**Problem details**
Search the entries for the word "Seat". Copy each line in which it is found.

(Task data begins)

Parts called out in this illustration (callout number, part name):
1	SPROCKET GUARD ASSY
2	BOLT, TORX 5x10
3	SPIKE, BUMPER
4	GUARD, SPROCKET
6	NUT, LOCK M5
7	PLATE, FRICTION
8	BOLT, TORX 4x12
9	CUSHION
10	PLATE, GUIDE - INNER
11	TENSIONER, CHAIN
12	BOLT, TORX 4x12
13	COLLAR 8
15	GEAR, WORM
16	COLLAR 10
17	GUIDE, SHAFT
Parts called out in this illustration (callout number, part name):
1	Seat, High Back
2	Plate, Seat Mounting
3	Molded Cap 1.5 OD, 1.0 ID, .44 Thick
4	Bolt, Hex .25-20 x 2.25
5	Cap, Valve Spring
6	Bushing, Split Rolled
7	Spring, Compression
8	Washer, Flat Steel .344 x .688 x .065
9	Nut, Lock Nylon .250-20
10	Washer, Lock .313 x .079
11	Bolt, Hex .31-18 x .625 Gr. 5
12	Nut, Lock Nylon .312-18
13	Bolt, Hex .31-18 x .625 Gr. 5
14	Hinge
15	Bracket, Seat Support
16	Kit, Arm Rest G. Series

(Task data ends)
(Task data begins)

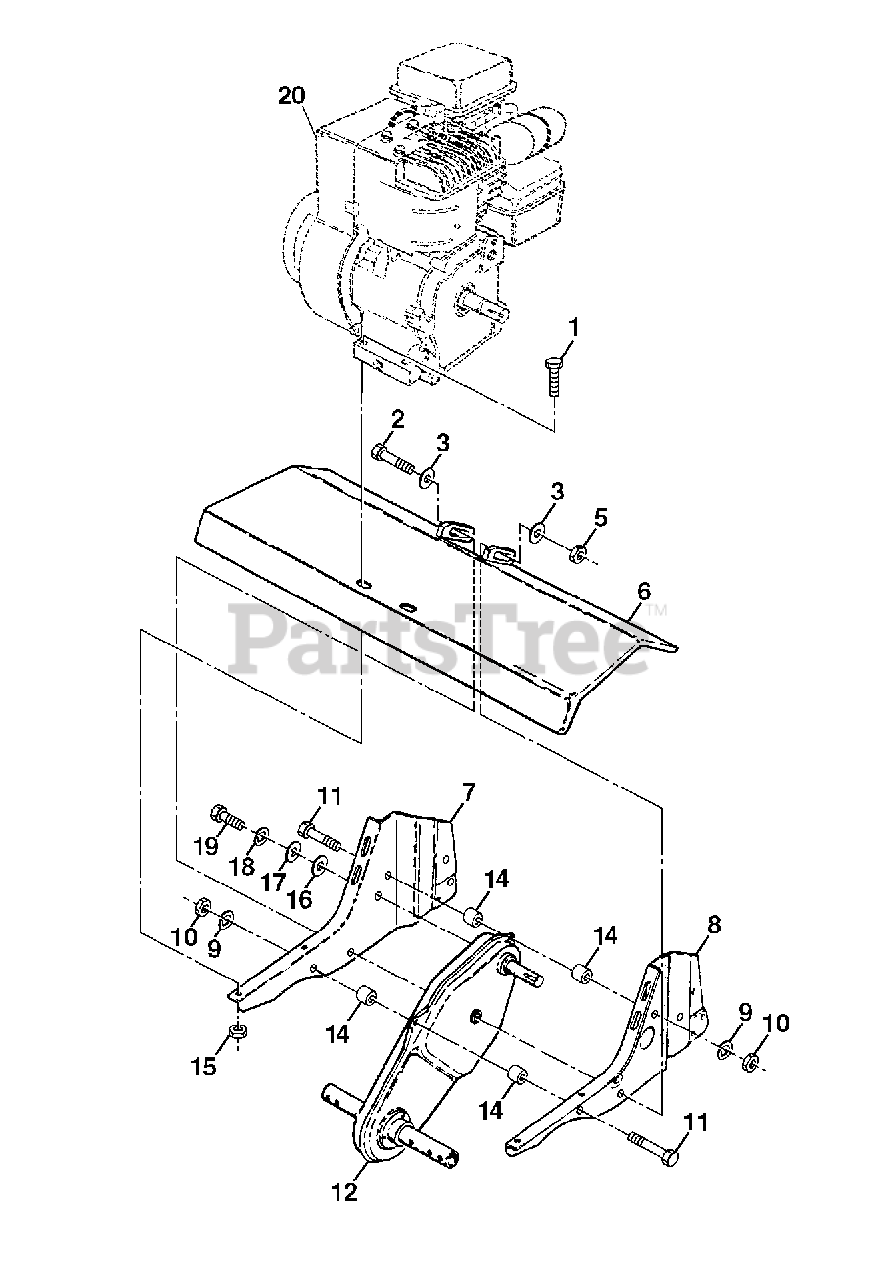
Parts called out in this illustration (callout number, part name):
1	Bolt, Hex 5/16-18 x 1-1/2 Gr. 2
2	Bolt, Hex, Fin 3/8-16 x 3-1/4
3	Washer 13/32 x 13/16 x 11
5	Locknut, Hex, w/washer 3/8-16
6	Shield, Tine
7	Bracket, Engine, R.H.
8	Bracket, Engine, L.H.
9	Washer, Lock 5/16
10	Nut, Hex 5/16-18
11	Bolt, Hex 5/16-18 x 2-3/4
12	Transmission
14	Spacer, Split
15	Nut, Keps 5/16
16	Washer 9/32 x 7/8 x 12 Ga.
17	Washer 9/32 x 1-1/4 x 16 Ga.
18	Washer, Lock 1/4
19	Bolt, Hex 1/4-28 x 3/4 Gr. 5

(Task data ends)

**Task output**
1	Seat, High Back
2	Plate, Seat Mounting
15	Bracket, Seat Support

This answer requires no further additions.